Assignment:
Print the entries below exactly as they appear, from the first line up to and including the line with "doc.units = 0". Do not print any pictures.

### Records to process

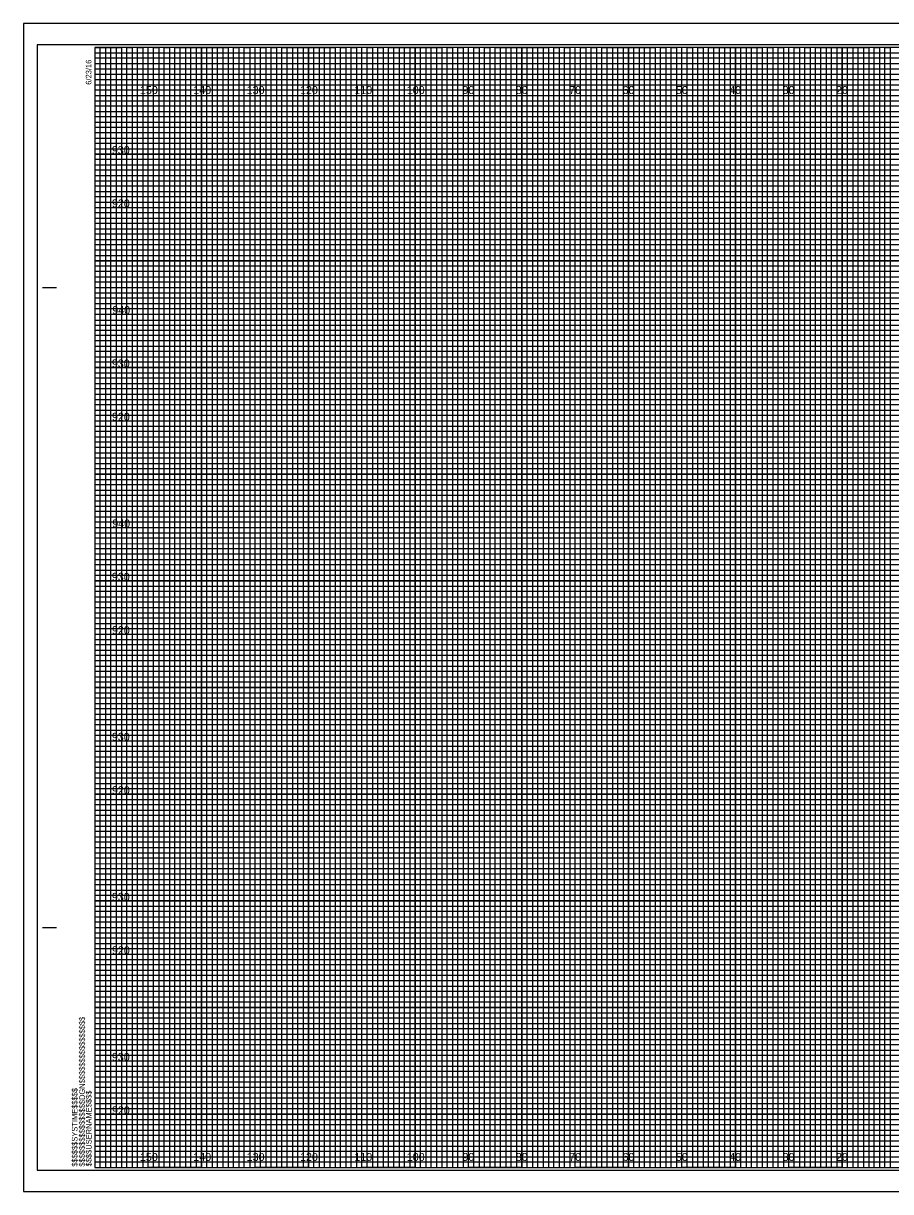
# Model space of a CAD drawing. Extents: x -13 to 323, y 216 to 434.
# Drawn here: x -13.4 to 149.1, y 215.5 to 434.5 of the extents above; entities that cross this region are included whole.
import ezdxf

# ---------------------------------------------------------------- set-up
doc = ezdxf.new("R2010")
doc.units = 0
for name, color, linetype in [('Prop XS Elevation Labels', 7, 'Continuous'), ('Prop XS Label Text', 7, 'Continuous'), ('Prop XS Shear Point Element', 7, 'Continuous'), ('Prop XS Shear Point Label', 7, 'Continuous'), ('Scratch_Level_1', 7, 'Continuous'), ('Scratch_Level_4', 7, 'Continuous'), ('Sheet Cross Section Grid Minor 2 CELL', 7, 'Continuous'), ('Sheet Cutting Line CELL', 7, 'Continuous'), ('Sheet DOT Grid CELL', 7, 'Continuous'), ('Sheet Plot Border Inside CELL', 7, 'Continuous'), ('Sheet Plot Border Outside CELL', 7, 'Continuous')]:
    doc.layers.add(name, color=color, linetype=linetype)

msp = doc.modelspace()

# ---------------------------------------------------------------- linework, layer by layer
at = {"layer": 'Prop XS Label Text'}
for points in [[(0, 430), (5, 430), (5, 220), (15, 220), (15, 430), (25, 430), (25, 220), (35, 220), (35, 430), (45, 430), (45, 220), (55, 220), (55, 430), (65, 430), (65, 220), (75, 220), (75, 430), (85, 430), (85, 220), (95, 220), (95, 430), (105, 430), (105, 220), (115, 220), (115, 430), (125, 430), (125, 220), (135, 220), (135, 430), (145, 430), (145, 220), (155, 220)], [(0, 425), (275, 425)], [(0, 405), (320, 405), (320, 415), (0, 415)], [(0, 385), (320, 385), (320, 395), (0, 395)], [(0, 365), (320, 365), (320, 375), (0, 375)], [(0, 345), (320, 345), (320, 355), (0, 355)], [(0, 325), (320, 325), (320, 335), (0, 335)], [(0, 305), (320, 305), (320, 315), (0, 315)], [(0, 285), (320, 285), (320, 295), (0, 295)], [(0, 265), (320, 265), (320, 275), (0, 275)], [(0, 245), (320, 245), (320, 255), (0, 255)], [(0, 225), (320, 225), (320, 235), (0, 235)]]:
    msp.add_lwpolyline(points, dxfattribs=at)
at = {"layer": 'Prop XS Shear Point Element'}
for p, q in [((-9.8, 385), (-7.3, 385)), ((-9.7, 385), (-7.2, 385)), ((-9.8, 265), (-7.3, 265)), ((-9.7, 265), (-7.2, 265)), ((0, 220), (0, 220)), ((0, 220), (0, 220)), ((0, 220), (0, 220)), ((0, 220), (0, 220)), ((0, 220), (0, 220)), ((0, 220), (0, 220)), ((0, 220), (0, 220))]:
    msp.add_line(p, q, dxfattribs=at)
msp.add_lwpolyline([(320, 430), (0, 430), (0, 220), (320, 220)], close=True, dxfattribs=at)
at = {"layer": 'Prop XS Shear Point Label'}
for p, q in [((0, 429), (260, 429)), ((260, 427.98), (0, 427.98)), ((0, 427.98), (0, 427)), ((0, 427), (260, 427)), ((260, 425.89), (0, 425.89)), ((0, 425.89), (0, 424)), ((0, 424), (320, 424))]:
    msp.add_line(p, q, dxfattribs=at)
for points in [[(0, 423), (270, 423), (320, 423), (320, 422), (0, 422)], [(0, 421), (320, 421), (320, 419), (0, 419)], [(0, 418), (320, 418), (320, 417), (0, 416.98)], [(0, 416), (320, 416), (320, 414), (0, 414)], [(0, 413), (320, 413), (320, 412), (0, 412)], [(0, 411), (320, 411), (320, 409), (0, 409)], [(0, 408), (320, 408), (320, 407), (0, 407)], [(0, 406), (320, 406), (320, 404), (0, 404)], [(0, 403), (320, 403), (320, 402), (0, 402)], [(0, 401), (320, 401), (320, 399), (0, 399)], [(0, 398), (320, 398), (320, 397), (0, 397)], [(0, 396), (320, 396), (320, 393.95), (320, 393), (320, 392), (0, 392)], [(0, 394), (320, 394), (320, 393), (0, 393)], [(0, 391), (320, 391), (320, 389), (0, 389.03)], [(0, 389.03), (320, 389), (320, 388), (0, 388)], [(0, 387), (320, 387), (320, 386), (0, 386)], [(0, 384), (320, 384), (320, 383), (0, 383)], [(0, 382), (320, 382), (320, 381), (0, 381)], [(-0.07, 378.89), (320, 378.89), (320, 377.88), (-0.07, 377.88)], [(0, 377), (320, 377), (320, 376), (0, 376)], [(0, 374), (320, 374), (320, 373), (0, 373)], [(0, 372), (320, 372), (320, 371), (0, 371)], [(0, 369), (320, 369), (320, 368), (0, 368)], [(0, 367), (320, 367), (320, 366), (0, 366)], [(0, 364), (320, 364), (320, 363), (0, 363)], [(0, 362), (320, 362), (320, 361), (0, 361)], [(0, 359), (320, 359), (319.99, 357.98), (0, 358)], [(0, 357), (320, 357), (320, 356), (0, 356)], [(0, 354), (320, 354), (320, 353), (0, 353)], [(0, 352), (320, 352), (320, 351), (0, 351)], [(0, 349), (320, 349), (320, 348), (0, 348)], [(0, 347), (320, 347), (320, 346), (0, 346)], [(0, 344), (320, 344), (320, 343), (0, 343)], [(0, 342), (320, 342), (320, 341), (0, 341)], [(0, 339), (320, 339), (320, 338), (0, 338)], [(0, 336.99), (320.07, 336.91), (320, 336), (0, 336)], [(0, 334), (320, 334), (320, 333), (0, 333)], [(0, 332), (320, 332), (320, 331), (0, 331)], [(0, 329), (320, 329), (320, 328), (0, 328)], [(0, 327), (320, 327), (320, 326), (0, 326)], [(0, 324), (320, 324), (320, 323), (0, 323)], [(0, 322), (320, 322), (320, 321), (0, 321)], [(0, 319), (320, 319), (320, 318), (0, 318)], [(0, 317), (320, 317), (320, 316), (0, 316)], [(0, 314), (320, 314), (320, 313), (0, 313)], [(0, 312), (320, 312), (320, 311), (0, 311)], [(0, 309), (320, 309), (320, 308), (0, 308)], [(0, 307), (320, 307), (320, 306), (0, 306)], [(0, 304), (320, 304), (320, 303), (0, 303)], [(0, 302), (320, 302), (320, 301), (0, 301)], [(0, 299), (320, 299), (319.99, 297.98), (0, 298)], [(0, 297), (320, 297), (320, 296), (0, 296)], [(0, 294), (320, 294), (320, 293), (0, 293)], [(0, 292), (320, 292), (320, 291), (0, 291)], [(0, 289), (320, 289), (320, 288), (0, 288)], [(0, 287), (320, 287), (320, 286), (0, 286)], [(0, 284), (320, 284), (320, 283), (0, 283)], [(0, 282), (320, 282), (320, 281), (0, 281)], [(0, 279), (320, 279), (320, 278), (0, 278)], [(0, 276.99), (320.07, 276.91), (320, 276), (0, 276)], [(0, 274), (320, 274), (320, 273), (0, 273)], [(0, 272), (320, 272), (320, 271), (0, 271)], [(0, 269), (320, 269), (320, 268), (0, 268)], [(0, 267), (320, 267), (320, 266), (0, 266)], [(0, 264), (320, 264), (320, 263), (0, 263)], [(0, 262), (320, 262), (320, 261), (0, 261)], [(0, 259), (320, 259), (320, 258), (0, 258)], [(0, 257), (320, 257), (320, 256), (0, 256)], [(0, 254), (320, 254), (320, 253), (0, 253)], [(0, 252), (320, 252), (320, 251), (0, 251)], [(0, 249), (320, 249), (320, 248), (0, 248)], [(0, 247), (320, 247), (320, 246), (0, 246)], [(0, 244), (320, 244), (320, 243), (0, 243)], [(0, 242), (320, 242), (320, 241), (0, 241)], [(0, 239), (320, 239), (320, 238), (0, 238)], [(0, 237), (320, 237), (320, 236), (0, 236)], [(0, 234), (320, 234), (320, 233), (0, 233)], [(0, 232), (320, 232), (320, 231), (0, 231)], [(0, 229), (320, 229), (320, 228), (0, 228)], [(0, 227), (320, 227), (320, 226), (0, 226)], [(0, 224), (320, 224), (320, 223), (0, 223)], [(0, 222), (320, 222), (320, 221), (0, 221)]]:
    msp.add_lwpolyline(points, dxfattribs=at)
at = {"layer": 'Scratch_Level_4'}
for p, q in [((10, 430), (0, 430)), ((10, 220), (10, 430)), ((30, 430), (20, 430)), ((20, 430), (20, 220)), ((30, 220), (30, 430)), ((50, 430), (40, 430)), ((40, 430), (40, 220)), ((50, 220), (50, 430)), ((70, 430), (60, 430)), ((60, 430), (60, 220)), ((70, 220), (70, 430)), ((90, 430), (80, 430)), ((80, 430), (80, 220)), ((90, 220), (90, 430)), ((110, 430), (100, 430)), ((100, 430), (100, 220)), ((110, 220), (110, 430)), ((130, 430), (120, 430)), ((120, 430), (120, 220)), ((130, 220), (130, 430)), ((150, 430), (140, 430)), ((140, 430), (140, 220)), ((20, 220), (10, 220)), ((40, 220), (30, 220)), ((60, 220), (50, 220)), ((80, 220), (70, 220)), ((100, 220), (90, 220)), ((120, 220), (110, 220)), ((140, 220), (130, 220))]:
    msp.add_line(p, q, dxfattribs=at)
for points in [[(0, 420), (320, 420), (320, 410), (0, 410)], [(0, 400), (320, 400), (320, 390), (0, 390)], [(0, 380), (320, 380), (320, 370), (0, 370)], [(0, 360), (320, 360), (320, 350), (0, 350)], [(0, 340), (320, 340), (320, 330), (0, 330)], [(0, 320), (320, 320), (320, 310), (0, 310)], [(0, 300), (320, 300), (320, 290), (0, 290)], [(0, 280), (320, 280), (320, 270), (0, 270)], [(0, 260), (320, 260), (320, 250), (0, 250)], [(0, 240), (320, 240), (320, 230), (0, 230)]]:
    msp.add_lwpolyline(points, dxfattribs=at)
at = {"layer": 'Sheet Cross Section Grid Minor 2 CELL'}
for points in [[(0, 220), (1, 220), (1, 430), (2, 430), (2, 220)], [(2, 220), (3, 220), (3, 430), (4, 430), (4, 220)], [(5, 220), (6, 220), (6, 430), (7, 430), (7, 220)], [(7, 220), (8, 220), (8, 430), (9, 430), (9, 220)], [(10, 220), (11, 220), (11, 430), (12, 430), (12, 220)], [(12, 220), (13, 220), (13, 430), (14, 430), (14, 220)], [(15, 220), (16, 220), (16, 430), (17, 430), (17, 220)], [(17, 220), (18, 220), (18, 430), (19, 430), (19, 220)], [(20, 220), (21, 220), (21, 430), (22, 430), (22, 220)], [(22, 220), (23, 220), (23, 430), (24, 430), (24, 220)], [(25, 220), (26, 220), (26, 430), (27, 430), (27, 220)], [(27, 220), (28, 220), (28, 430), (29, 430), (29, 220)], [(30, 220), (31, 220), (31, 430), (32, 430), (32, 220)], [(32, 220), (33, 220), (33, 430), (34, 430), (34, 220)], [(35, 220), (36, 220), (36, 430), (37, 430), (37, 220)], [(37, 220), (38, 220), (38, 430), (39, 430), (39, 220)], [(40, 220), (41, 220), (41, 430), (42, 430), (42, 220)], [(42, 220), (43, 220), (43, 430), (44, 430), (44, 220)], [(45, 220), (46, 220), (46, 430), (47, 430), (47, 220)], [(47, 220), (48, 220), (48, 430), (49, 430), (49, 220)], [(50, 220), (51, 220), (51, 430), (52, 430), (52, 220)], [(52, 220), (53, 220), (53, 430), (54, 430), (54, 220)], [(55, 220), (56, 220), (56, 430), (57, 430), (57, 220)], [(57, 220), (58, 220), (58, 430), (59, 430), (59, 220)], [(60, 220), (61, 220), (61, 430), (62, 430), (62, 220)], [(62, 220), (63, 220), (63, 430), (64, 430), (64, 220)], [(65, 220), (66, 220), (66, 430), (67, 430), (67, 220)], [(67, 220), (68, 220), (68, 430), (69, 430), (69, 220)], [(70, 220), (71, 220), (71, 430), (72, 430), (72, 220)], [(72, 220), (73, 220), (73, 430), (74, 430), (74, 220)], [(75, 220), (76, 220), (76, 430), (77, 430), (77, 220)], [(77, 220), (78, 220), (78, 430), (79, 430), (79, 220)], [(80, 220), (81, 220), (81, 430), (82, 430), (82, 220)], [(82, 220), (83, 220), (83, 430), (84, 430), (84, 220)], [(85, 220), (86, 220), (86, 430), (87, 430), (87, 220)], [(87, 220), (88, 220), (88, 430), (89, 430), (89, 220)], [(90, 220), (91, 220), (91, 430), (92, 430), (92, 220)], [(92, 220), (93, 220), (93, 430), (94, 430), (94, 220)], [(95, 220), (96, 220), (96, 430), (97, 430), (97, 220)], [(97, 220), (98, 220), (98, 430), (99, 430), (99, 220)], [(100, 220), (101, 220), (101, 430), (102, 430), (102, 220)], [(102, 220), (103, 220), (103, 430), (104, 430), (104, 220)], [(105, 220), (106, 220), (106, 430), (107, 430), (107, 220)], [(107, 220), (108, 220), (108, 430), (109, 430), (109, 220)], [(110, 220), (111, 220), (111, 430), (112, 430), (112, 220)], [(112, 220), (113, 220), (113, 430), (114, 430), (114, 220)], [(115, 220), (116, 220), (116, 430), (117, 430), (117, 220)], [(117, 220), (118, 220), (118, 430), (119, 430), (119, 220)], [(120, 220), (121, 220), (121, 430), (122, 430), (122, 220)], [(122, 220), (123, 220), (123, 430), (124, 430), (124, 220)], [(125, 220), (126, 220), (126, 430), (127, 430), (127, 220)], [(127, 220), (128, 220), (128, 430), (129, 430), (129, 220)], [(130, 220), (131, 220), (131, 430), (132, 430), (132, 220)], [(132, 220), (133, 220), (133, 430), (134, 430), (134, 220)], [(135, 220), (136, 220), (136, 430), (137, 430), (137, 220)], [(137, 220), (138, 220), (138, 430), (139, 430), (139, 220)], [(140, 220), (141, 220), (141, 430), (142, 430), (142, 220)], [(142, 220), (143, 220), (143, 430), (144, 430), (144, 220)], [(145, 220), (146, 220), (146, 430), (147, 430), (147, 220)], [(147, 220), (148, 220), (148, 430), (149, 430), (149, 220)]]:
    msp.add_lwpolyline(points, dxfattribs=at)
at = {"layer": 'Sheet Cutting Line CELL'}
for p, q in [((323.3, 434.5), (-13.4, 434.5)), ((-13.4, 434.5), (-13.4, 215.5)), ((-13.4, 215.5), (323.3, 215.5))]:
    msp.add_line(p, q, dxfattribs=at)
at = {"layer": 'Sheet DOT Grid CELL'}
for p, q in [((10, 220), (10, 430)), ((20, 220), (20, 430)), ((30, 220), (30, 430)), ((40, 220), (40, 430)), ((50, 220), (50, 430)), ((60, 220), (60, 430)), ((70, 220), (70, 430)), ((80, 220), (80, 430)), ((90, 220), (90, 430)), ((100, 220), (100, 430)), ((110, 220), (110, 430)), ((120, 220), (120, 430)), ((130, 220), (130, 430)), ((140, 220), (140, 430)), ((0, 420), (320, 420)), ((0, 410), (320, 410)), ((0, 400), (320, 400)), ((0, 390), (320, 390)), ((0, 380), (320, 380)), ((0, 370), (320, 370)), ((0, 360), (320, 360)), ((0, 350), (320, 350)), ((0, 340), (320, 340)), ((0, 330), (320, 330)), ((0, 320), (320, 320)), ((0, 310), (320, 310)), ((0, 300), (320, 300)), ((0, 290), (320, 290)), ((0, 280), (320, 280)), ((0, 270), (320, 270)), ((0, 260), (320, 260)), ((0, 250), (320, 250)), ((0, 240), (320, 240)), ((0, 230), (320, 230))]:
    msp.add_line(p, q, dxfattribs=at)
at = {"layer": 'Sheet Plot Border Inside CELL'}
msp.add_lwpolyline([(-10.8, 219.5), (322.4, 219.5), (322.4, 430.5), (-10.8, 430.5)], close=True, dxfattribs=at)
at = {"layer": 'Sheet Plot Border Outside CELL'}
msp.add_lwpolyline([(-13.4, 215.5), (323.3, 215.5), (323.3, 434.5), (-13.4, 434.5)], close=True, dxfattribs=at)

# ---------------------------------------------------------------- texts
at = {"layer": 'Prop XS Elevation Labels'}
for s, p in [('930', (3.18, 410)), ('920', (3.19, 400)), ('940', (3.26, 380)), ('930', (3.18, 370)), ('920', (3.19, 360)), ('940', (3.26, 340)), ('930', (3.18, 330)), ('920', (3.19, 320)), ('930', (3.18, 300)), ('920', (3.19, 290)), ('930', (3.18, 270)), ('920', (3.19, 260)), ('930', (3.18, 240)), ('920', (3.19, 230))]:
    msp.add_text(s, height=1.5, dxfattribs=at).set_placement(p)
at = {"layer": 'Prop XS Shear Point Element'}
for s, p in [('6/23/16', (-0.65, 423)), ('$$$$$$$$$$$$$$$$DGN$$$$$$$$$$$$$$$$', (-1.88, 220.18)), ('$$$$$$SYSTIME$$$$$', (-3.26, 220.18)), ('$$$$USERNAME$$$$', (-0.62, 220.23))]:
    msp.add_text(s, height=1.05, rotation=90, dxfattribs=at).set_placement(p)
at = {"layer": 'Scratch_Level_1'}
for s, p in [('150', (8.44, 421.25)), ('140', (18.44, 421.25)), ('130', (28.44, 421.25)), ('120', (38.44, 421.25)), ('110', (48.62, 421.25)), ('100', (58.44, 421.25)), ('90', (68.86, 421.25)), ('80', (78.86, 421.25)), ('70', (88.86, 421.25)), ('60', (98.86, 421.25)), ('50', (108.86, 421.25)), ('40', (118.86, 421.25)), ('30', (128.86, 421.25)), ('20', (138.86, 421.25)), ('150', (8.44, 221.25)), ('140', (18.44, 221.25)), ('130', (28.44, 221.25)), ('120', (38.44, 221.25)), ('110', (48.62, 221.25)), ('100', (58.44, 221.25)), ('90', (68.86, 221.25)), ('80', (78.86, 221.25)), ('70', (88.86, 221.25)), ('60', (98.86, 221.25)), ('50', (108.86, 221.25)), ('40', (118.86, 221.25)), ('30', (128.86, 221.25)), ('20', (138.86, 221.25))]:
    msp.add_text(s, height=1.5, dxfattribs=at).set_placement(p)

doc.saveas('drawing.dxf')

######

The completed task:
# Model space of a CAD drawing. Extents: x -13 to 323, y 216 to 434.
# Drawn here: x -13.4 to 149.1, y 215.5 to 434.5 of the extents above; entities that cross this region are included whole.
import ezdxf

# ---------------------------------------------------------------- set-up
doc = ezdxf.new("R2010")
doc.units = 0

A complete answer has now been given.